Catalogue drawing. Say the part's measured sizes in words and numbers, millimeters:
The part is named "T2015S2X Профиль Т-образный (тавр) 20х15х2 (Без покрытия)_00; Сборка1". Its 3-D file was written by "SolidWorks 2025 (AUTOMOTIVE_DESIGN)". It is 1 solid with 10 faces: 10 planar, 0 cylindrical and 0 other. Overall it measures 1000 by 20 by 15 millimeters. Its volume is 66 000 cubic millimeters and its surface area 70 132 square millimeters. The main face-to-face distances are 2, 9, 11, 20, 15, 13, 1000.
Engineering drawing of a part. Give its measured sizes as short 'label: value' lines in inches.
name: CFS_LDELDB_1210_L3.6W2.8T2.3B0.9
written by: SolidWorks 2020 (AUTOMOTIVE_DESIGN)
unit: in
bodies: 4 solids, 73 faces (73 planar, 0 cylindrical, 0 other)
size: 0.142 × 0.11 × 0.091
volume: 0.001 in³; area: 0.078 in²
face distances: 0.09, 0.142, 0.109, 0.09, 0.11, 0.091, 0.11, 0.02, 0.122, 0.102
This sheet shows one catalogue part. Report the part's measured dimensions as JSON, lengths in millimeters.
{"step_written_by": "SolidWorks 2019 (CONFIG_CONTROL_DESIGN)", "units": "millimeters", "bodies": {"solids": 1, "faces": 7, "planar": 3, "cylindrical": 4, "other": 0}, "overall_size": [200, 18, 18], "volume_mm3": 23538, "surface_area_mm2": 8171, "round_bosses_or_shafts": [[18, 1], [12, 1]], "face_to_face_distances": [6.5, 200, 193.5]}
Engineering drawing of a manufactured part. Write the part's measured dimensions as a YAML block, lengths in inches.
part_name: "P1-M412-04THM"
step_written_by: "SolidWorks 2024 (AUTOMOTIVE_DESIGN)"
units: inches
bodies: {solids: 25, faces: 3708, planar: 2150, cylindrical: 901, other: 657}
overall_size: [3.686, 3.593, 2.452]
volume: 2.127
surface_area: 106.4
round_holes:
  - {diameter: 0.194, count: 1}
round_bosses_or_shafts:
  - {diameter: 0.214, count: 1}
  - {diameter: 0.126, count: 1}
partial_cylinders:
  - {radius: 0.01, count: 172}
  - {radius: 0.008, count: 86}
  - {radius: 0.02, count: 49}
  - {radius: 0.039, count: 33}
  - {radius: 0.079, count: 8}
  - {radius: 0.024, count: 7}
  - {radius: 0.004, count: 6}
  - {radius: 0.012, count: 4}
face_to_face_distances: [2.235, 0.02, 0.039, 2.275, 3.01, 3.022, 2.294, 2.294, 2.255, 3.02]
━━━
## Exercise requirements
When the material above is given again, every line must match it exactly.

## Finished task
Catalogue drawing. Say the part's measured sizes in words and numbers, millimeters:
The part is named "T2015S2X Профиль Т-образный (тавр) 20х15х2 (Без покрытия)_00; Сборка1". Its 3-D file was written by "SolidWorks 2025 (AUTOMOTIVE_DESIGN)". It is 1 solid with 10 faces: 10 planar, 0 cylindrical and 0 other. Overall it measures 1000 by 20 by 15 millimeters. Its volume is 66 000 cubic millimeters and its surface area 70 132 square millimeters. The main face-to-face distances are 2, 9, 11, 20, 15, 13, 1000.
Engineering drawing of a part. Give its measured sizes as short 'label: value' lines in inches.
name: CFS_LDELDB_1210_L3.6W2.8T2.3B0.9
written by: SolidWorks 2020 (AUTOMOTIVE_DESIGN)
unit: in
bodies: 4 solids, 73 faces (73 planar, 0 cylindrical, 0 other)
size: 0.142 × 0.11 × 0.091
volume: 0.001 in³; area: 0.078 in²
face distances: 0.09, 0.142, 0.109, 0.09, 0.11, 0.091, 0.11, 0.02, 0.122, 0.102
This sheet shows one catalogue part. Report the part's measured dimensions as JSON, lengths in millimeters.
{"step_written_by": "SolidWorks 2019 (CONFIG_CONTROL_DESIGN)", "units": "millimeters", "bodies": {"solids": 1, "faces": 7, "planar": 3, "cylindrical": 4, "other": 0}, "overall_size": [200, 18, 18], "volume_mm3": 23538, "surface_area_mm2": 8171, "round_bosses_or_shafts": [[18, 1], [12, 1]], "face_to_face_distances": [6.5, 200, 193.5]}
Engineering drawing of a manufactured part. Write the part's measured dimensions as a YAML block, lengths in inches.
part_name: "P1-M412-04THM"
step_written_by: "SolidWorks 2024 (AUTOMOTIVE_DESIGN)"
units: inches
bodies: {solids: 25, faces: 3708, planar: 2150, cylindrical: 901, other: 657}
overall_size: [3.686, 3.593, 2.452]
volume: 2.127
surface_area: 106.4
round_holes:
  - {diameter: 0.194, count: 1}
round_bosses_or_shafts:
  - {diameter: 0.214, count: 1}
  - {diameter: 0.126, count: 1}
partial_cylinders:
  - {radius: 0.01, count: 172}
  - {radius: 0.008, count: 86}
  - {radius: 0.02, count: 49}
  - {radius: 0.039, count: 33}
  - {radius: 0.079, count: 8}
  - {radius: 0.024, count: 7}
  - {radius: 0.004, count: 6}
  - {radius: 0.012, count: 4}
face_to_face_distances: [2.235, 0.02, 0.039, 2.275, 3.01, 3.022, 2.294, 2.294, 2.255, 3.02]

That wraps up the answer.